Room metadata is the right choice for state that is not owned by any single participant:
- Room configuration: recording enabled, max participants, current mode
- Shared settings: language, topic, agenda
- Application state: current slide number, game state, workflow phase
The distinction between participant attributes and room metadata mirrors a common pattern in distributed systems: per-entity state versus shared global state. Both are necessary, and LiveKit provides both through the same connection.

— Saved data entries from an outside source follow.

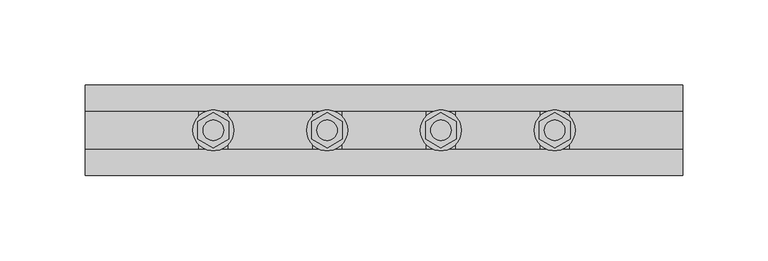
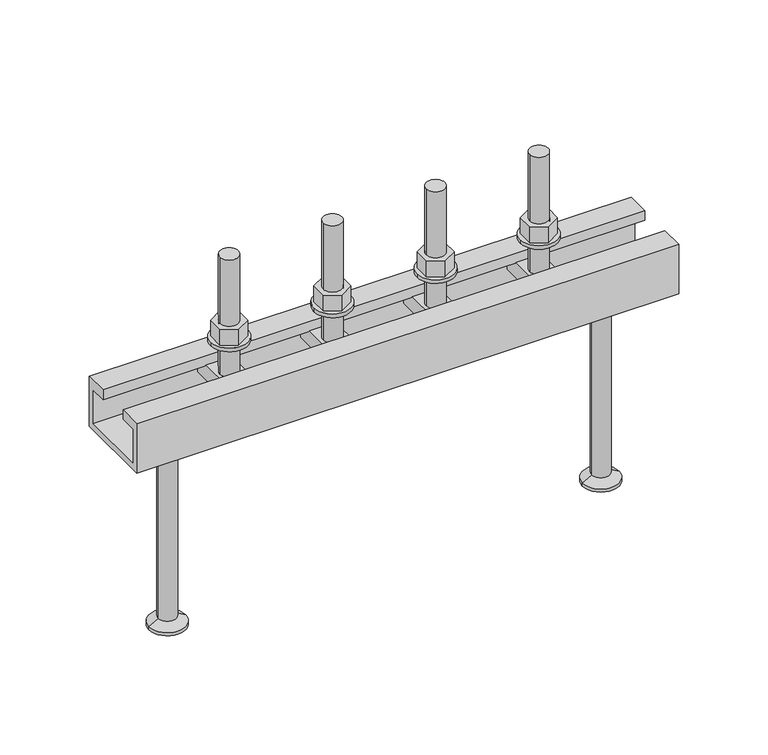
"""IFC4 building model written with IfcOpenShell, lengths in millimetres: fastener geometry, JTA-W JORDAHL® AnchorChannels : JTA-W L=350 mm."""

from ifc_helpers import new_model, si_unit, point, frame, frame_2d, origin, place, context, project, spatial, polyline, circle_curve, trimmed, segment, composite_curve, outline, extrude, source, transform, mapped, element, save
from ifc_brep_helpers import plane_surface, cylinder_surface, revolved_surface, advanced_brep


def fastener_a5573b8c(model_context):
    return source(origin(), model_context, "Body", "SolidModel", [
        extrude(outline(polyline([(208.3333333, -10.3923048), (199.3333333, -5.1961524), (199.3333333, 5.1961524), (208.3333333, 10.3923048), (217.3333333, 5.1961524), (217.3333333, -5.1961524), (208.3333333, -10.3923048)]), holes=[composite_curve([segment(trimmed(circle_curve(frame_2d((208.3333333, 0.0)), 6.0), [point((202.3333333, 0.0))], [point((214.3333333, 0.0))], True, "CARTESIAN"), True, "CONTINUOUS"), segment(trimmed(circle_curve(frame_2d((208.3333333, 0.0)), 6.0), [point((214.3333333, 0.0))], [point((202.3333333, 0.0))], True, "CARTESIAN"), True, "CONTINUOUS")], self_intersect=False)]), frame((0.0, 0.0, 17.5), z_axis=(0.0, 0.0, 1.0), x_axis=(1.0, 0.0, 0.0)), (0.0, 0.0, 1.0), 10.8),
        extrude(outline(composite_curve([segment(trimmed(circle_curve(frame_2d((208.3333333, 0.0)), 12.0), [point((196.3333333, 0.0))], [point((220.3333333, 0.0))], False, "CARTESIAN"), True, "CONTINUOUS"), segment(trimmed(circle_curve(frame_2d((208.3333333, 0.0)), 12.0), [point((220.3333333, 0.0))], [point((196.3333333, 0.0))], False, "CARTESIAN"), True, "CONTINUOUS")], self_intersect=False), holes=[composite_curve([segment(trimmed(circle_curve(frame_2d((208.3333333, 0.0)), 6.5), [point((201.8333333, 0.0))], [point((214.8333333, 0.0))], True, "CARTESIAN"), True, "CONTINUOUS"), segment(trimmed(circle_curve(frame_2d((208.3333333, 0.0)), 6.5), [point((214.8333333, 0.0))], [point((201.8333333, 0.0))], True, "CARTESIAN"), True, "CONTINUOUS")], self_intersect=False)]), frame((0.0, 0.0, 15.0), z_axis=(0.0, 0.0, 1.0), x_axis=(1.0, 0.0, 0.0)), (0.0, 0.0, 1.0), 2.5),
        extrude(outline(polyline([(141.6666667, -10.3923048), (132.6666667, -5.1961524), (132.6666667, 5.1961524), (141.6666667, 10.3923048), (150.6666667, 5.1961524), (150.6666667, -5.1961524), (141.6666667, -10.3923048)]), holes=[composite_curve([segment(trimmed(circle_curve(frame_2d((141.6666667, 0.0)), 6.0), [point((135.6666667, 0.0))], [point((147.6666667, 0.0))], True, "CARTESIAN"), True, "CONTINUOUS"), segment(trimmed(circle_curve(frame_2d((141.6666667, 0.0)), 6.0), [point((147.6666667, 0.0))], [point((135.6666667, 0.0))], True, "CARTESIAN"), True, "CONTINUOUS")], self_intersect=False)]), frame((0.0, 0.0, 17.5), z_axis=(0.0, 0.0, 1.0), x_axis=(1.0, 0.0, 0.0)), (0.0, 0.0, 1.0), 10.8),
        extrude(outline(composite_curve([segment(trimmed(circle_curve(frame_2d((141.6666667, 0.0)), 12.0), [point((129.6666667, 0.0))], [point((153.6666667, 0.0))], False, "CARTESIAN"), True, "CONTINUOUS"), segment(trimmed(circle_curve(frame_2d((141.6666667, 0.0)), 12.0), [point((153.6666667, 0.0))], [point((129.6666667, 0.0))], False, "CARTESIAN"), True, "CONTINUOUS")], self_intersect=False), holes=[composite_curve([segment(trimmed(circle_curve(frame_2d((141.6666667, 0.0)), 6.5), [point((135.1666667, 0.0))], [point((148.1666667, 0.0))], True, "CARTESIAN"), True, "CONTINUOUS"), segment(trimmed(circle_curve(frame_2d((141.6666667, 0.0)), 6.5), [point((148.1666667, 0.0))], [point((135.1666667, 0.0))], True, "CARTESIAN"), True, "CONTINUOUS")], self_intersect=False)]), frame((0.0, 0.0, 15.0), z_axis=(0.0, 0.0, 1.0), x_axis=(1.0, 0.0, 0.0)), (0.0, 0.0, 1.0), 2.5),
        advanced_brep(
        [(216.8333333, -20.7, -6.5), (216.8333333, -20.7, -16.5), (216.8333333, 20.7, -16.5), (216.8333333, 20.7, -6.5), (199.8333333, -20.7, -6.5), (199.8333333, 20.7, -6.5), (199.8333333, 20.7, -16.5), (199.8333333, -20.7, -16.5), (214.3333333, 0.0, -6.5), (202.3333333, 0.0, -6.5), (202.3333333, 0.0, 73.5), (214.3333333, 0.0, 73.5)],
        [
            (0, 1),
            (1, 2),
            (2, 3),
            (3, 0),
            (4, 5),
            (5, 6),
            (6, 7),
            (7, 4),
            (3, 5),
            (4, 0),
            (8, 9, circle_curve(frame((208.3333333, 0.0, -6.5), z_axis=(0.0, 0.0, -1.0), x_axis=(1.0, 0.0, 0.0)), 6.0)),
            (9, 8, circle_curve(frame((208.3333333, 0.0, -6.5), z_axis=(0.0, 0.0, -1.0), x_axis=(1.0, 0.0, 0.0)), 6.0)),
            (2, 6),
            (1, 7),
            (10, 11, circle_curve(frame((208.3333333, 0.0, 73.5), z_axis=(0.0, 0.0, 1.0), x_axis=(1.0, 0.0, 0.0)), 6.0)),
            (11, 10, circle_curve(frame((208.3333333, 0.0, 73.5), z_axis=(0.0, 0.0, 1.0), x_axis=(1.0, 0.0, 0.0)), 6.0)),
            (11, 8),
            (9, 10),
        ],
        [
            plane_surface(frame((216.8333333, 20.7, -6.5), z_axis=(1.0, 0.0, 0.0), x_axis=(0.0, 1.0, 0.0))),
            plane_surface(frame((199.8333333, 20.7, -6.5), z_axis=(-1.0, 0.0, 0.0), x_axis=(0.0, -1.0, 0.0))),
            plane_surface(frame((216.8333333, -20.7, -6.5), z_axis=(0.0, 0.0, 1.0), x_axis=(-1.0, 0.0, 0.0))),
            plane_surface(frame((216.8333333, 20.7, -6.5), z_axis=(0.0, 1.0, 0.0), x_axis=(-1.0, 0.0, 0.0))),
            plane_surface(frame((216.8333333, 20.7, -16.5), z_axis=(0.0, 0.0, -1.0), x_axis=(-1.0, 0.0, 0.0))),
            plane_surface(frame((216.8333333, -20.7, -16.5), z_axis=(0.0, -1.0, 0.0), x_axis=(-1.0, 0.0, 0.0))),
            plane_surface(frame((214.3333333, 0.0, 73.5), z_axis=(0.0, 0.0, 1.0), x_axis=(0.0, -1.0, 0.0))),
            cylinder_surface(frame((208.3333333, 0.0, -6.5), z_axis=(0.0, 0.0, 1.0), x_axis=(1.0, 0.0, 0.0)), 6.0),
        ],
        [
            (0, [[1, 2, 3, 4]]),
            (1, [[5, 6, 7, 8]]),
            (2, [[9, -5, 10, -4], [11, 12]]),
            (3, [[13, -6, -9, -3]]),
            (4, [[14, -7, -13, -2]]),
            (5, [[-10, -8, -14, -1]]),
            (6, [[15, 16]]),
            (7, [[17, -12, 18, -16]]),
            (7, [[-18, -11, -17, -15]]),
        ],
    ),
        advanced_brep(
        [(150.1666667, -20.7, -6.5), (150.1666667, -20.7, -16.5), (150.1666667, 20.7, -16.5), (150.1666667, 20.7, -6.5), (133.1666667, -20.7, -6.5), (133.1666667, 20.7, -6.5), (133.1666667, 20.7, -16.5), (133.1666667, -20.7, -16.5), (147.6666667, 0.0, -6.5), (135.6666667, 0.0, -6.5), (135.6666667, 0.0, 73.5), (147.6666667, 0.0, 73.5)],
        [
            (0, 1),
            (1, 2),
            (2, 3),
            (3, 0),
            (4, 5),
            (5, 6),
            (6, 7),
            (7, 4),
            (3, 5),
            (4, 0),
            (8, 9, circle_curve(frame((141.6666667, 0.0, -6.5), z_axis=(0.0, 0.0, -1.0), x_axis=(1.0, 0.0, 0.0)), 6.0)),
            (9, 8, circle_curve(frame((141.6666667, 0.0, -6.5), z_axis=(0.0, 0.0, -1.0), x_axis=(1.0, 0.0, 0.0)), 6.0)),
            (2, 6),
            (1, 7),
            (10, 11, circle_curve(frame((141.6666667, 0.0, 73.5), z_axis=(0.0, 0.0, 1.0), x_axis=(1.0, 0.0, 0.0)), 6.0)),
            (11, 10, circle_curve(frame((141.6666667, 0.0, 73.5), z_axis=(0.0, 0.0, 1.0), x_axis=(1.0, 0.0, 0.0)), 6.0)),
            (11, 8),
            (9, 10),
        ],
        [
            plane_surface(frame((150.1666667, 20.7, -6.5), z_axis=(1.0, 0.0, 0.0), x_axis=(0.0, 1.0, 0.0))),
            plane_surface(frame((133.1666667, 20.7, -6.5), z_axis=(-1.0, 0.0, 0.0), x_axis=(0.0, -1.0, 0.0))),
            plane_surface(frame((150.1666667, -20.7, -6.5), z_axis=(0.0, 0.0, 1.0), x_axis=(-1.0, 0.0, 0.0))),
            plane_surface(frame((150.1666667, 20.7, -6.5), z_axis=(0.0, 1.0, 0.0), x_axis=(-1.0, 0.0, 0.0))),
            plane_surface(frame((150.1666667, 20.7, -16.5), z_axis=(0.0, 0.0, -1.0), x_axis=(-1.0, 0.0, 0.0))),
            plane_surface(frame((150.1666667, -20.7, -16.5), z_axis=(0.0, -1.0, 0.0), x_axis=(-1.0, 0.0, 0.0))),
            plane_surface(frame((147.6666667, 0.0, 73.5), z_axis=(0.0, 0.0, 1.0), x_axis=(0.0, -1.0, 0.0))),
            cylinder_surface(frame((141.6666667, 0.0, -6.5), z_axis=(0.0, 0.0, 1.0), x_axis=(1.0, 0.0, 0.0)), 6.0),
        ],
        [
            (0, [[1, 2, 3, 4]]),
            (1, [[5, 6, 7, 8]]),
            (2, [[9, -5, 10, -4], [11, 12]]),
            (3, [[13, -6, -9, -3]]),
            (4, [[14, -7, -13, -2]]),
            (5, [[-10, -8, -14, -1]]),
            (6, [[15, 16]]),
            (7, [[17, -12, 18, -16]]),
            (7, [[-18, -11, -17, -15]]),
        ],
    ),
        extrude(outline(polyline([(275.0, -10.3923048), (266.0, -5.1961524), (266.0, 5.1961524), (275.0, 10.3923048), (284.0, 5.1961524), (284.0, -5.1961524), (275.0, -10.3923048)]), holes=[composite_curve([segment(trimmed(circle_curve(frame_2d((275.0, 0.0)), 6.0), [point((269.0, 0.0))], [point((281.0, 0.0))], True, "CARTESIAN"), True, "CONTINUOUS"), segment(trimmed(circle_curve(frame_2d((275.0, 0.0)), 6.0), [point((281.0, 0.0))], [point((269.0, 0.0))], True, "CARTESIAN"), True, "CONTINUOUS")], self_intersect=False)]), frame((0.0, 0.0, 17.5), z_axis=(0.0, 0.0, 1.0), x_axis=(1.0, 0.0, 0.0)), (0.0, 0.0, 1.0), 10.8),
        extrude(outline(composite_curve([segment(trimmed(circle_curve(frame_2d((275.0, 0.0)), 12.0), [point((263.0, 0.0))], [point((287.0, 0.0))], False, "CARTESIAN"), True, "CONTINUOUS"), segment(trimmed(circle_curve(frame_2d((275.0, 0.0)), 12.0), [point((287.0, 0.0))], [point((263.0, 0.0))], False, "CARTESIAN"), True, "CONTINUOUS")], self_intersect=False), holes=[composite_curve([segment(trimmed(circle_curve(frame_2d((275.0, 0.0)), 6.5), [point((268.5, 0.0))], [point((281.5, 0.0))], True, "CARTESIAN"), True, "CONTINUOUS"), segment(trimmed(circle_curve(frame_2d((275.0, 0.0)), 6.5), [point((281.5, 0.0))], [point((268.5, 0.0))], True, "CARTESIAN"), True, "CONTINUOUS")], self_intersect=False)]), frame((0.0, 0.0, 15.0), z_axis=(0.0, 0.0, 1.0), x_axis=(1.0, 0.0, 0.0)), (0.0, 0.0, 1.0), 2.5),
        extrude(outline(polyline([(75.0, -10.3923048), (66.0, -5.1961524), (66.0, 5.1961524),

One connection to rule them all
Here is the architectural insight that ties everything together:
| Capability | Traditional approach | LiveKit approach |
|---|---|---|
| Audio/video | WebRTC connection | WebRTC connection |
| Chat messages | Separate WebSocket | Text stream (same connection) |
| File transfer | Separate upload API | Byte stream (same connection) |
| Remote actions | REST API calls | RPC (same connection) |
| User state | Database + polling | Participant attributes (same connection) |
| Shared state | Database + WebSocket | Room metadata (same connection) |
This matters architecturally
A single connection means a single authentication handshake, a single reconnection strategy, a single set of network traversal (TURN/ICE) negotiations, and a single point of monitoring. Every additional connection you add to a realtime system is another thing that can fail independently, another thing that can fall out of sync, another thing to debug at 3 AM.
Test your knowledge
Question 1 of 2
What is the primary advantage of LiveKit carrying data (text streams, RPC, state) over the same WebRTC connection as media?
LiveKit is a realtime data platform
By now, the framing of "LiveKit is a video conferencing tool" should feel inadequate. LiveKit provides six distinct communication primitives — audio tracks, video tracks, text streams, byte streams, RPC, and state synchronization — all unified under one connection, one authentication model, and one set of SDKs.
This is what makes it a realtime data platform. The room abstraction is not just a container for media — it is a container for any kind of realtime interaction between connected participants, whether those participants are humans, AI agents, phone callers, or IoT devices.
The data plane is what elevates LiveKit from "good WebRTC infrastructure" to "general-purpose realtime platform." When you build on LiveKit, you are not just getting low-latency audio — you are getting a complete communication substrate. Every feature you need for a realtime application is available through one SDK, one connection, one mental model.